Guarda caso ai Legacy premono così tanto i massacri etnici (nel caso specifico quello degli
Ebrei) da aver messo sulle pagine del libretto di “First Assault” sia una panoramica di un campo di concentramento nazista sia un’agghiacciante foto di cadaveri a brandelli tutti ammassati fra di loro. E poi, tematica cara a questo genere di gruppi, eccovi anche un fungo atomico, simbolo di una paura che volenti o nolenti esiste ancora.
Da tutte queste considerazioni e dal titolo stesso del loro disco, dovrebbe essere già ovvio che ci troviamo di fronte a 5 ragazzi che amano suonare thrash metal.
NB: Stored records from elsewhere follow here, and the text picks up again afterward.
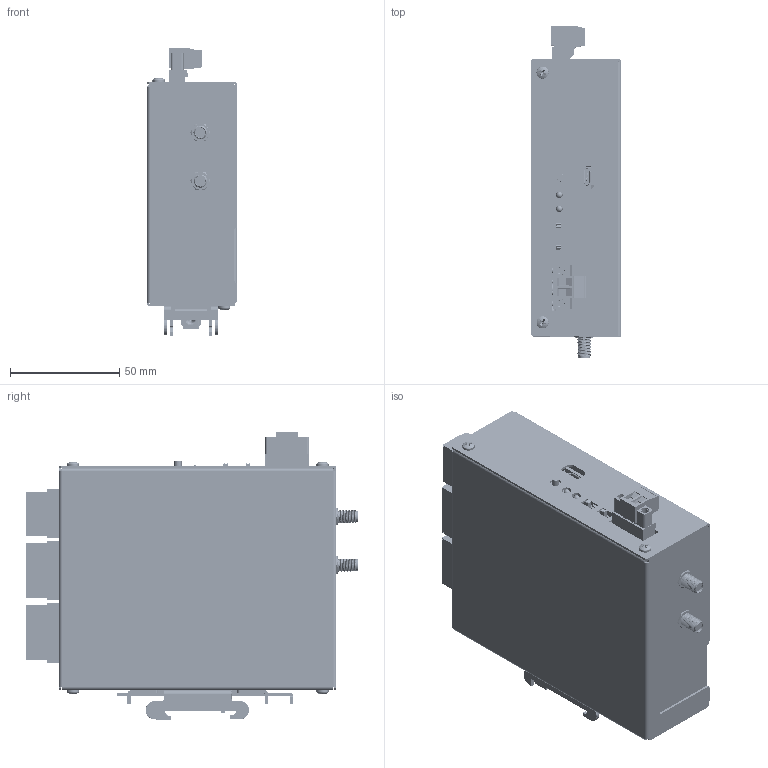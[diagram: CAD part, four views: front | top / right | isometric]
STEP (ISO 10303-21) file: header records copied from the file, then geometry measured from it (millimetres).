
FILE_DESCRIPTION (( 'STEP AP214' ), '1' );
FILE_NAME ('965-0045-01.STEP', '2022-04-29T19:35:41', ( '' ), ( '' ), 'SwSTEP 2.0', 'SolidWorks 2022', '' );
FILE_SCHEMA (( 'AUTOMOTIVE_DESIGN' ));
Length unit declared in the file: inch
Products named in the file (16): dinm23; 515-0164-01 Sensor to Cloud; 110-0112-01; 515-0174-01 DIN Mount for Ranger PCB; CR-PHMS 0.112-40x0.25x0.25-N_CR-PHMS 0.112-40x0.25x0.25-N; 395300004.stp; CLS-440-0-PennEngineering-3D-11-23-2020; 110-0112-01B; 110-0113-03A; 110-0113-03B; 395300005.stp; 965-0045-01; board stack; pxc_1777989_08_MSTB-2-5-2-STF-5-08_3D; 98k4829_1-1478966-0; BSOS-440-10-PennEngineering-3D-11-23-2020
Assembly tree (30 placements, depth 3):
  965-0045-01
    110-0112-01B
      110-0112-01
      BSOS-440-10-PennEngineering-3D-11-23-2020  x4
      CLS-440-0-PennEngineering-3D-11-23-2020  x2
    110-0113-03B
      110-0113-03A
      CLS-440-0-PennEngineering-3D-11-23-2020  x2
    dinm23
    CR-PHMS 0.112-40x0.25x0.25-N_CR-PHMS 0.112-40x0.25x0.25-N  x8
    98k4829_1-1478966-0  x2
    board stack
      515-0164-01 Sensor to Cloud
      515-0174-01 DIN Mount for Ranger PCB
    pxc_1777989_08_MSTB-2-5-2-STF-5-08_3D
    395300004.stp
    395300005.stp  x2
Bounding box: 41.27 x 151.96 x 131.83 mm (x, y, z)
Volume: 104748.3 mm3; surface area: 165883.1 mm2
Topology: 105 solids, 105 shells, 8697 faces, 22542 edges, 14356 vertices
Faces by surface type: plane 5625, cylinder 2361, bspline 309, cone 248, sphere 78, torus 76
Entity records: 356907 total; most frequent: CARTESIAN_POINT 73837, ORIENTED_EDGE 40968, DIRECTION 37143, EDGE_CURVE 20484, LINE 14243, VECTOR 14243, VERTEX_POINT 13110, AXIS2_PLACEMENT_3D 11450

Un po’ sui generis, è vero, ma è pur sempre thrash metal, anche se spesso filtrato attraverso influenze che lo nobilitano rendendolo più raffinato di quanto facesse pensare la copertina. Infatti, i Legacy, oltre ad esternare un’ottima tecnica, sono riusciti a combinarla ottimamente con un bel pacco di potenza utilizzando fra l’altro questi due aspetti con una valenza strategica a dir poco invidiabile. E soprattutto senza mai dimenticare una capacità continua di stupire l’ascoltatore con il chiaro obiettivo di democratizzare il discorso melodico rendendo praticamente partecipi tutti gli strumenti.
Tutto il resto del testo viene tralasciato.